Que não devemos desprezar a condição dos escravos, e por que os deuses cuidam deles, e por que é certo que muitos deles eram fiéis, clarividentes, corajosos e até filósofos; a origem das Sigilárias

“Eu não consigo suportar”, disse Evângelo, “que nosso amigo Pretextato, para fazer brilhar e mostrar sua inteligência, tenha fingido há pouco honrar algum deus fazendo os escravos comerem com os senhores; como se os deuses se importassem com os escravos, ou como se qualquer pessoa de bom senso sofresse em sua própria casa a desgraça de um grupo tão ignóbil. Ele também afirma incluir entre as práticas religiosas as Sigilárias, aquelas pequenas figuras de barro com as quais as crianças mais novas se divertem. Não seria admissível duvidar das superstições que ele mistura com a religião, por que tem fama de ser o príncipe dos conhecimentos religiosos?”

A estas palavras, todos foram tomados de indignação.

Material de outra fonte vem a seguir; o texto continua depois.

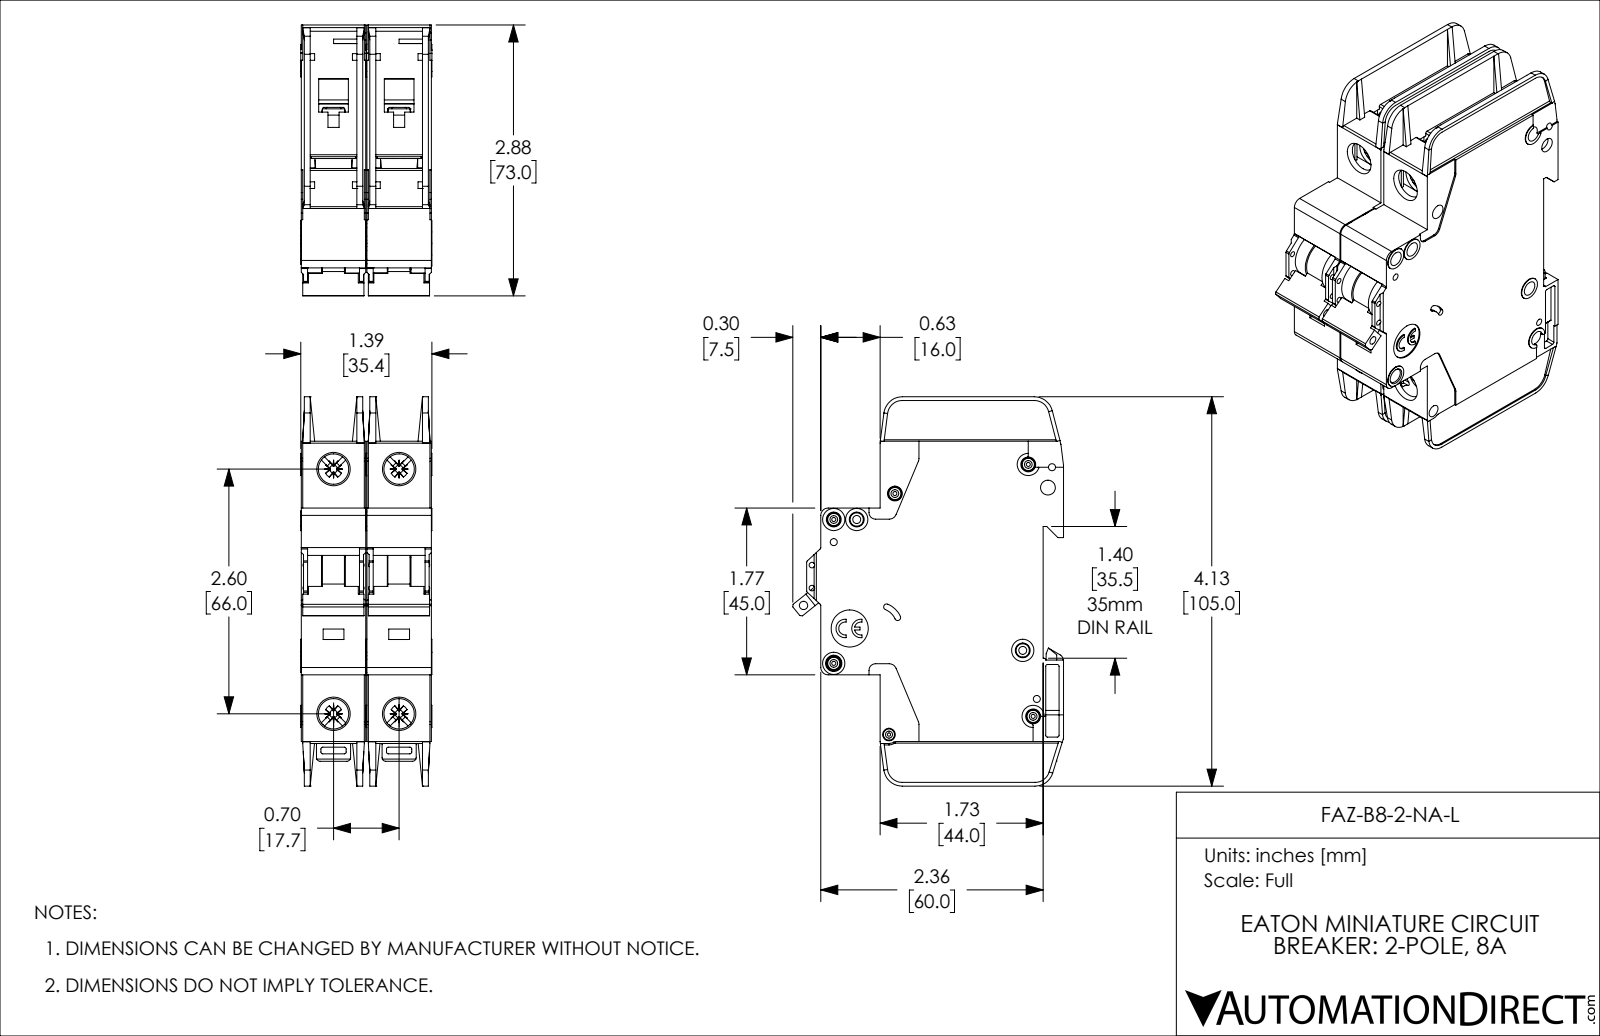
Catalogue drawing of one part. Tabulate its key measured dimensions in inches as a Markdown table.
| quantity | value |
| --- | --- |
| part name | FAZ-B8-2-NA-L |
| STEP written by | SolidWorks 2019 (AUTOMOTIVE_DESIGN) |
| units | inches |
| bodies | 2 solids, 2254 faces (1342 planar, 714 cylindrical, 198 other) |
| overall size | 4.134 × 2.876 × 1.394 |
| volume | 9.365 in³ |
| surface area | 82.01 in² |
| round holes (diameter × count) | 0.157 × 8, 0.043 × 5, 0.075 × 4, 0.323 × 4, 0.059 × 2, 0.085 × 2, 0.035 × 1, 0.089 × 1, 0.098 × 1, 0.134 × 1, 0.394 × 1 |
| round bosses / shafts (diameter × count) | 0.13 × 5, 0.236 × 4, 0.118 × 3, 0.098 × 2 |
| partial cylindrical surfaces (radius × count) | 0.02 × 57, 0.016 × 20, 0.039 × 14, 0.079 × 10, 0.043 × 8, 0.008 × 5, 0.197 × 5, 0.01 × 4 |
| main face-to-face distances | 0.697, 0.047, 0.685, 0.591, 0.094, 0.638, 0.543, 1.382, 0.744, 0.65 |
| hole center spacings | 0.244, 0.537, 0.697, 0.87, 2.598, 2.69, 0.189, 0.199 |
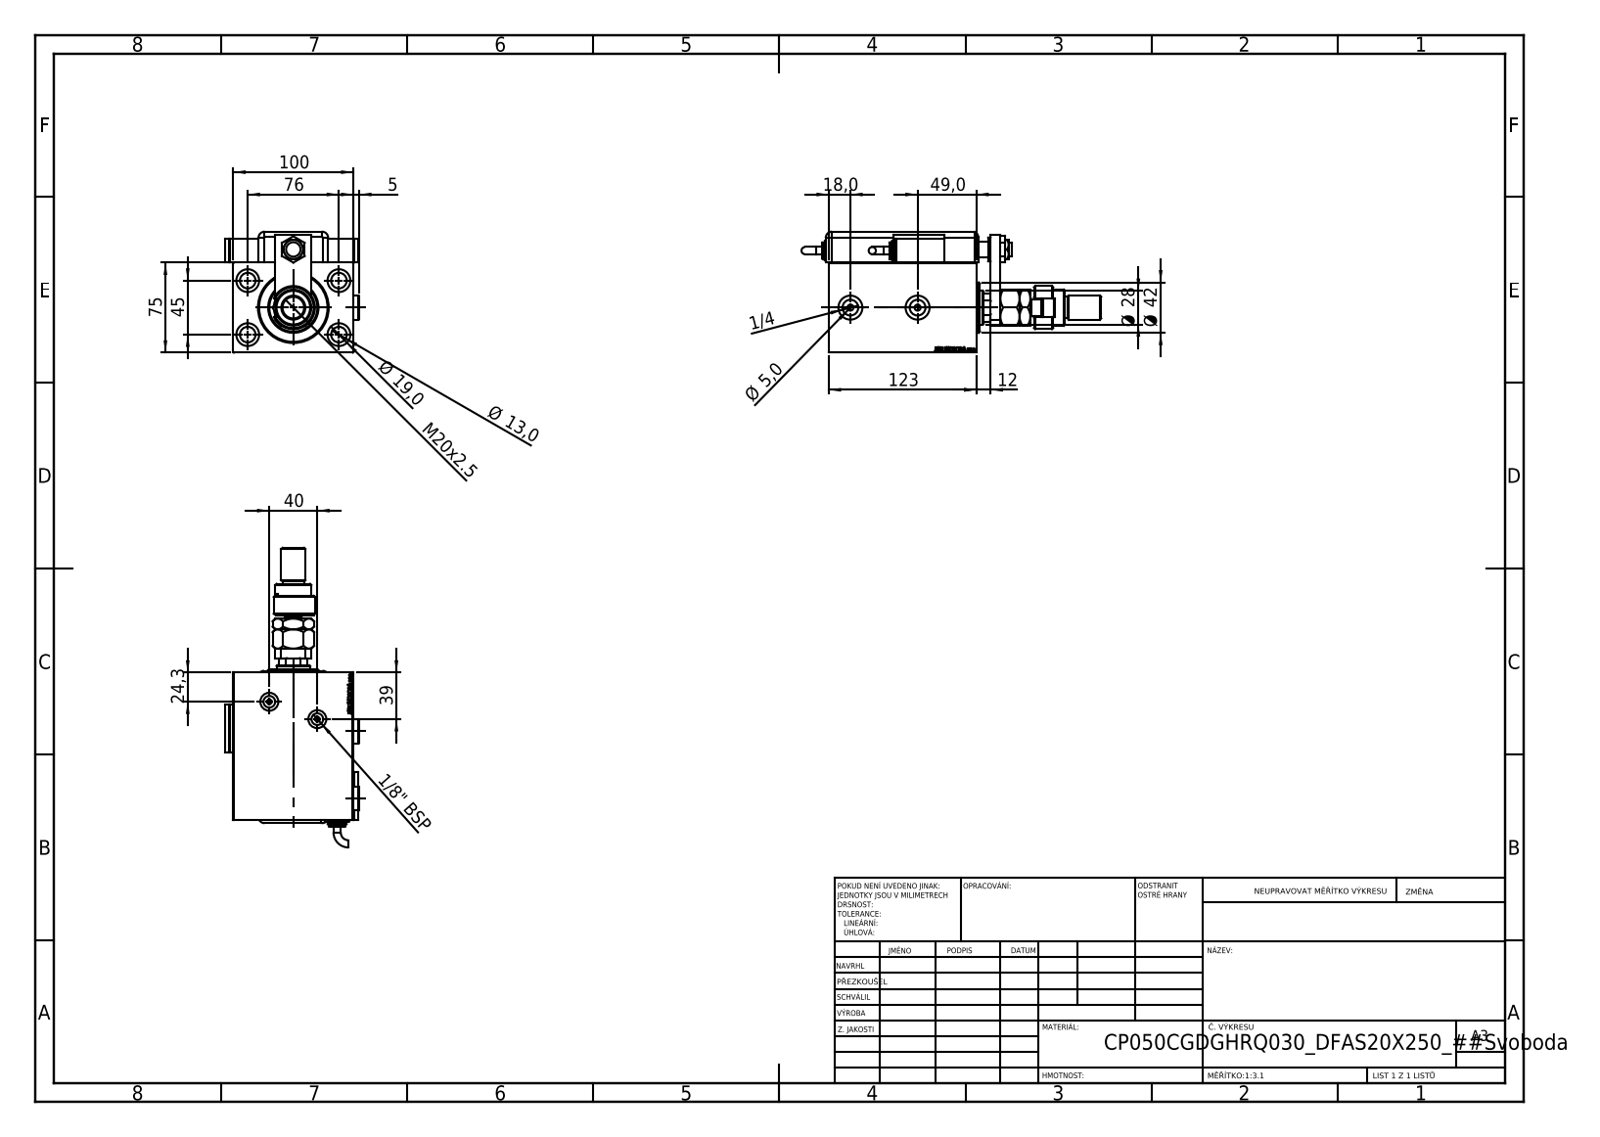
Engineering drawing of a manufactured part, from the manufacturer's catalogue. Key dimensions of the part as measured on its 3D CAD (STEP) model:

Mas Pretextato respondeu com sorrisos: “Não me importo que você, Evângelo, me tome por um homem supersticioso e indigno de toda confiança, se razões sólidas não lhe mostrarem a certeza das minhas duas afirmações. E, falando de escravos, em primeiro lugar: isto é uma piada, ou você pensa seriamente que existe uma espécie de homens que os deuses imortais não considerem dignos de sua providência e cuidado… ou você, por acaso, não sofreria caso os escravos não estivessem entre os homens?

Aprenda, então, com que indignação o tormento de um escravo penetrou no céu.

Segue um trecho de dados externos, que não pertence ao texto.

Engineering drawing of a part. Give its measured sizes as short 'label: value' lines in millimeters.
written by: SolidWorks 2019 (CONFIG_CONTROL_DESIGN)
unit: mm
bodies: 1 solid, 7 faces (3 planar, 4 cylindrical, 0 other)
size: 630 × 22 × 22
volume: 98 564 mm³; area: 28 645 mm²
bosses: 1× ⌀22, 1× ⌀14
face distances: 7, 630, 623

No ano duzentos e sessenta e quatro da fundação de Roma, certo Autrônio Máximo, depois de ter tido seu escravo espancado com varas, o fez andar no circo, antes da abertura dos jogos públicos , amarrado a uma forca. Júpiter, indignado com esta conduta, ordenou em sonhos a um homem chamado Ânio que anunciasse ao Senado que esta cruel ação o havia desagradado. Ânio, descumprindo a ordem, teve seu filho tomado por uma morte súbita; e, após uma segunda advertência, foi punido por sua reiterada negligência por uma atonia corporal, da qual foi subitamente afligido. Por fim, por conselho de seus amigos, ele mesmo foi carregado em uma liteira neste estado, e narrou seu sonho ao Senado. Assim que terminou de falar, recuperou imediatamente sua saúde e saiu do local da assembleia. Portanto, e para apaziguar Júpiter, um decreto do Senato decreteu a lei Mévia aos dias das festas do circo: o dia chamado instauratius, assim chamado, não como alguns pensam, pelo nome grego do instrumento de castigo σταυρός; mas pela recuperação de Ânio, de acordo com a opinião de Varrão, que afirma que instaurare é formado a partir do instar nouare.

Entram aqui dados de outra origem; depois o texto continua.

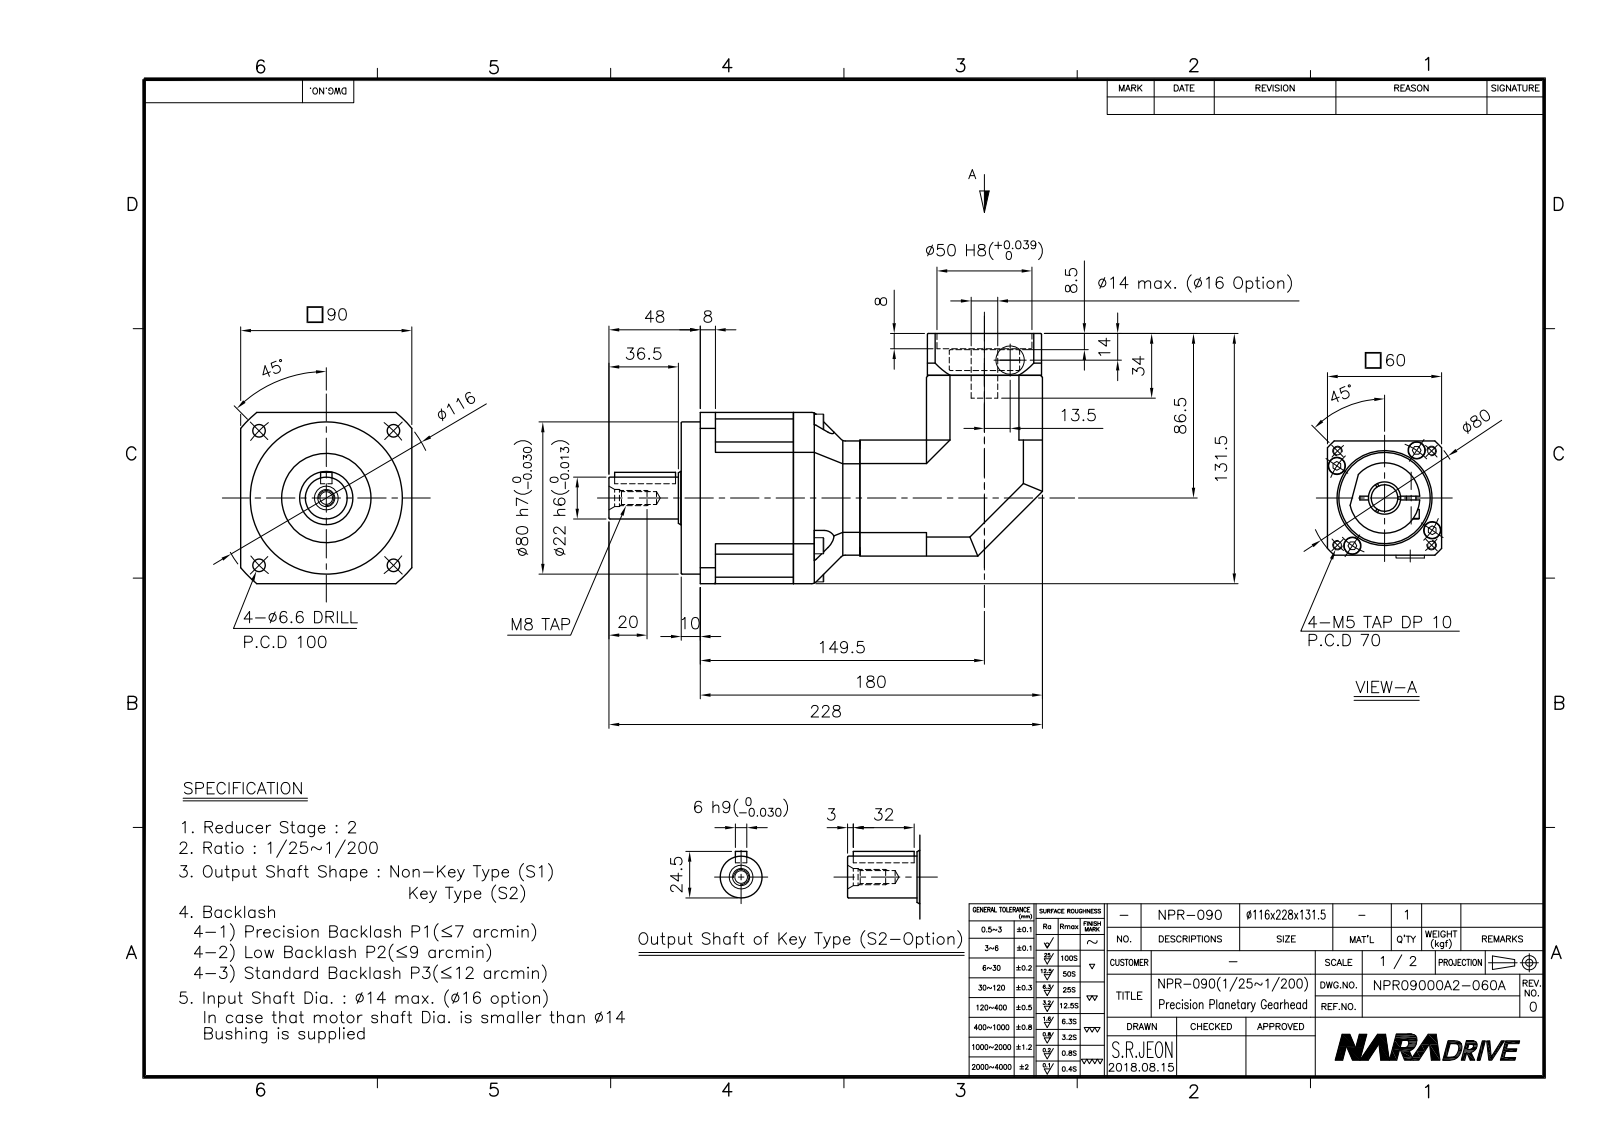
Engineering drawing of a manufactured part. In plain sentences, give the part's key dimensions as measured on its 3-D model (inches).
The part is named "NPR09000A2-060A-S1". Its 3-D file was written by "Autodesk Inventor 2015 (AUTOMOTIVE_DESIGN)". It is 2 solids with 522 faces: 253 planar, 140 cylindrical and 129 other. Overall it measures 8.976 by 5.177 by 3.543 inches. Its volume is 54.88 cubic inches and its surface area 198.3 square inches. Round holes: 12 of diameter 0.163, 9 of diameter 0.217, 5 of diameter 0.354, 4 of diameter 0.128, 4 of diameter 0.177, 4 of diameter 0.26, 4 of diameter 0.315, 1 of diameter 0.262, 1 of diameter 0.276, 1 of diameter 0.335, 1 of diameter 0.551, 1 of diameter 0.669. Round bosses or shafts: 9 of diameter 0.335, 9 of diameter 0.197, 4 of diameter 0.276, 4 of diameter 0.157, 1 of diameter 3.15, 1 of diameter 1.457, 1 of diameter 0.866, 1 of diameter 0.591. Partial cylindrical surfaces (rounded edges, fillets, slot ends): 8 of radius 0.118, 8 of radius 0.394, 4 of radius 0.02, 2 of radius 1.398, 1 of radius 0.081, 1 of radius 0.177, 1 of radius 1.378, 1 of radius 1.575. The main face-to-face distances are 0.571, 3.543, 2.972, 2.402, 1.614, 2.382, 0.315, 0.02, 2.008, 1.929. The hole center spacings are 1.191, 1.684, 2.52, 0.619, 2.557, 2.557, 2.784, 3.14.

Perceba então que o maior dos deuses tinha o apreço por um escravo. O que inspirou em você um desprezo tão profundo e estranho pelos escravos? Como se eles não fossem formados e alimentados pelos mesmos elementos que você, como se não fossem animados pelo mesmo alento, derivando do mesmo princípio! Considere que aqueles a quem você chama de seus bens nascem dos mesmos princípios que você, desfrutam do mesmo céu, vivem e morrem como você. Eles são escravos, mas são homens. Eles são escravos, mas nós também não somos escravos? Se você considerar que a fortuna tem tanto poder sobre nós quanto sobre eles, pode acontecer que você os veja como livres, e eles, por sua vez, o vejam como um escravo. Você não sabe com que idade Hécuba, Creso, a mãe de Dário, Diógenes e o próprio Platão se tornaram escravos? E por que devemos ficar tão horrorizados com a palavra escravidão? Alguém só é escravo por necessidade; mas um escravo pode ter uma alma livre. Você terá menosprezado o escravo se puder me mostrar quem não o é. Um é escravo do deboche, um da ganância, outro da ambição; todos são escravos da esperança e do medo.

Certamente, nenhuma servidão é mais vergonhosa do que aquela que é voluntária; e ainda assim pisamos, como um ser desprezível, o infeliz que a sorte colocou sob o jugo; e não queremos retificar nossos preconceitos a esse respeito. Você encontrará entre os escravos alguns que são incorruptíveis, enquanto você encontrará um mestre cuja esperança de ganho o faz cobrir com beijos as mãos dos escravos de outras pessoas. Não é, portanto, de acordo com sua condição que julgarei os homens, mas de acordo com seu caráter. Cada um faz seu próprio caráter; é o acaso que estabelece as condições. Assim como aquele que compraria um cavalo e consideraria apenas sua sela e arreios, também o mais tolo de todos os homens é aquele que pensa que deveria julgar seu semelhante por suas roupas ou por sua condição, ou por qual peça de vestuário o envolve.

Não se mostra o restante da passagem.